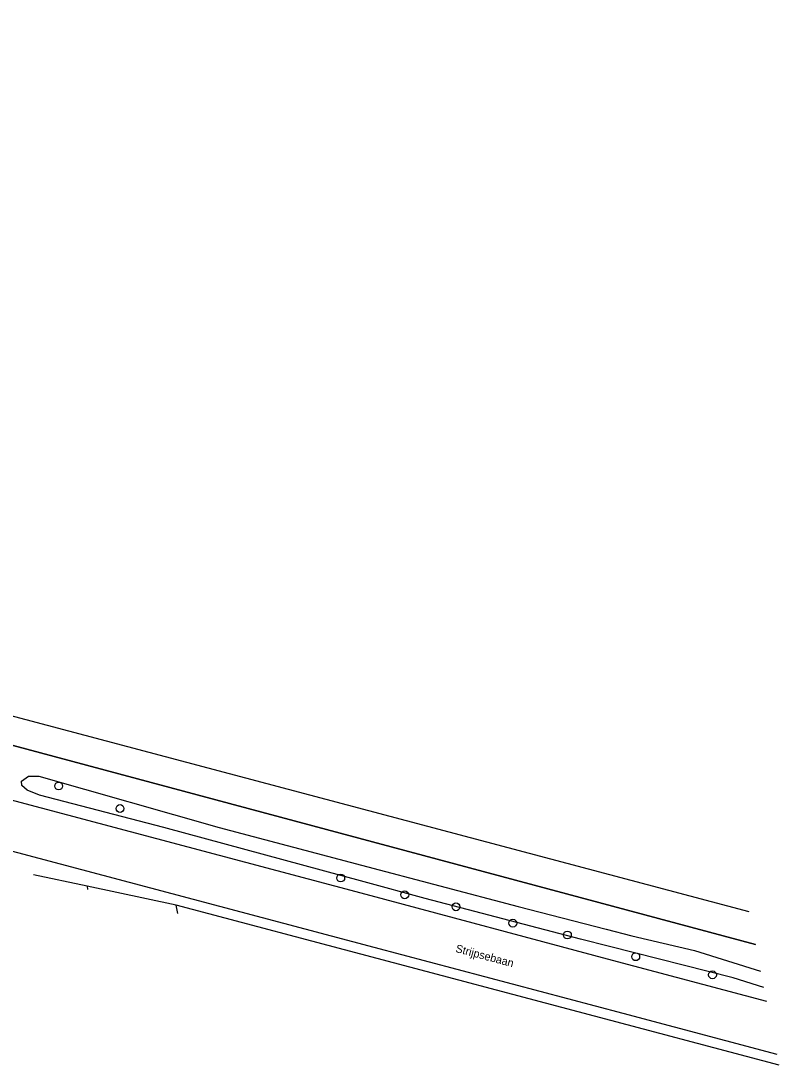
# Model space of a CAD drawing. Extents: x 152881 to 155736, y 382924 to 386919.
# Drawn here: x 154344 to 154438.6, y 383057.4 to 383187.8 of the extents above; entities that cross this region are included whole.
import ezdxf

# ---------------------------------------------------------------- set-up
doc = ezdxf.new("R2010")
doc.units = 0
for name, color, linetype in [('IMGEO_Boom', 7, 'Continuous'), ('IMGEO_Bouwland', 7, 'Continuous'), ('IMGEO_Groenvoorziening', 7, 'Continuous'), ('IMGEO_Hek', 7, 'Continuous'), ('IMGEO_Loofbos', 7, 'Continuous'), ('IMGEO_Openbare_ruimte_label', 7, 'Continuous'), ('IMGEO_Rijbaan_lokaal_gesloten', 7, 'Continuous'), ('IMGEO_Waterloop', 7, 'Continuous')]:
    doc.layers.add(name, color=color, linetype=linetype)

msp = doc.modelspace()

# ---------------------------------------------------------------- linework, layer by layer
at = {"layer": 'IMGEO_Boom'}
for centre in [(154348.72, 383092.28), (154356.37, 383089.47), (154383.92, 383080.79), (154391.91, 383078.7), (154398.3, 383077.2), (154405.4, 383075.16), (154412.21, 383073.67), (154420.74, 383070.96), (154430.32, 383068.7)]:
    msp.add_circle(centre, 0.489, dxfattribs=at)
at = {"layer": 'IMGEO_Bouwland'}
for points in [[(154438.63, 383057.42), (154363.39, 383077.4)], [(154363.6, 383076.35), (154363.39, 383077.4)]]:
    msp.add_lwpolyline(points, dxfattribs=at)
at = {"layer": 'IMGEO_Groenvoorziening'}
for points in [[(154435.67, 383072.5), (154310.72, 383105.99), (154303.19, 383113.54), (154303.01, 383113.96)], [(154352.25, 383079.76), (154345.58, 383081.17)], [(154352.25, 383079.76), (154352.32, 383079.34)], [(154363.39, 383077.4), (154352.25, 383079.76)]]:
    msp.add_lwpolyline(points, dxfattribs=at)
at = {"layer": 'IMGEO_Hek'}
msp.add_lwpolyline([(154300.15, 383120.57), (154303.01, 383113.96), (154303.19, 383113.54), (154310.72, 383105.99), (154435.67, 383072.5)], dxfattribs=at)
at = {"layer": 'IMGEO_Loofbos'}
msp.add_lwpolyline([(154318.87, 383187.85), (154329.58, 383138.09), (154324.88, 383137.08), (154331.37, 383106.91), (154337.23, 383102.55), (154434.86, 383076.6)], dxfattribs=at)
at = {"layer": 'IMGEO_Rijbaan_lokaal_gesloten'}
for points in [[(154305.23, 383109.04), (154307.14, 383106.79), (154307.45, 383106.42), (154309.86, 383103.97), (154312.11, 383102.09), (154312.58, 383101.77), (154314.52, 383100.42), (154317.07, 383098.98), (154319.74, 383097.77), (154322.13, 383096.91), (154330.15, 383094.13), (154342.6, 383090.6), (154387.06, 383078.76), (154417.81, 383070.55), (154437.06, 383065.42)], [(154305.09, 383092.26), (154305.28, 383092.42), (154305.59, 383092.66), (154305.93, 383092.86), (154306.28, 383093.03), (154306.64, 383093.17), (154307.02, 383093.28), (154309.74, 383093.01), (154325.87, 383088.7), (154334.91, 383086.27), (154388.05, 383072.17), (154419.14, 383063.91), (154438.36, 383058.8)]]:
    msp.add_lwpolyline(points, dxfattribs=at)
at = {"layer": 'IMGEO_Waterloop'}
for points in [[(154436.72, 383067.13), (154432.91, 383068.34), (154417.48, 383072.23), (154413.83, 383073.15), (154394.46, 383078.23), (154386.83, 383080.31), (154361.84, 383087.11), (154346.33, 383091.14), (154344.78, 383091.76), (154344.11, 383092.33), (154344.08, 383092.89), (154344.95, 383093.51), (154346.22, 383093.53)], [(154346.22, 383093.53), (154368.73, 383087.1), (154386.51, 383082.4), (154406.06, 383077.23), (154417.05, 383074.4), (154420.24, 383073.57), (154428.08, 383071.74), (154436.32, 383069.17)]]:
    msp.add_lwpolyline(points, dxfattribs=at)

# ---------------------------------------------------------------- texts
at = {"layer": 'IMGEO_Openbare_ruimte_label'}
msp.add_text('Strijpsebaan', height=1, rotation=345.1018, dxfattribs=at).set_placement((154398.18, 383071.56))

doc.saveas('drawing.dxf')

○ ○ ○ ○ ○

**WHAT IS NEEDED:** Please show every line of the records that holds the word "color".

**TASK ANSWER:**
for name, color, linetype in [('IMGEO_Boom', 7, 'Continuous'), ('IMGEO_Bouwland', 7, 'Continuous'), ('IMGEO_Groenvoorziening', 7, 'Continuous'), ('IMGEO_Hek', 7, 'Continuous'), ('IMGEO_Loofbos', 7, 'Continuous'), ('IMGEO_Openbare_ruimte_label', 7, 'Continuous'), ('IMGEO_Rijbaan_lokaal_gesloten', 7, 'Continuous'), ('IMGEO_Waterloop', 7, 'Continuous')]:
    doc.layers.add(name, color=color, linetype=linetype)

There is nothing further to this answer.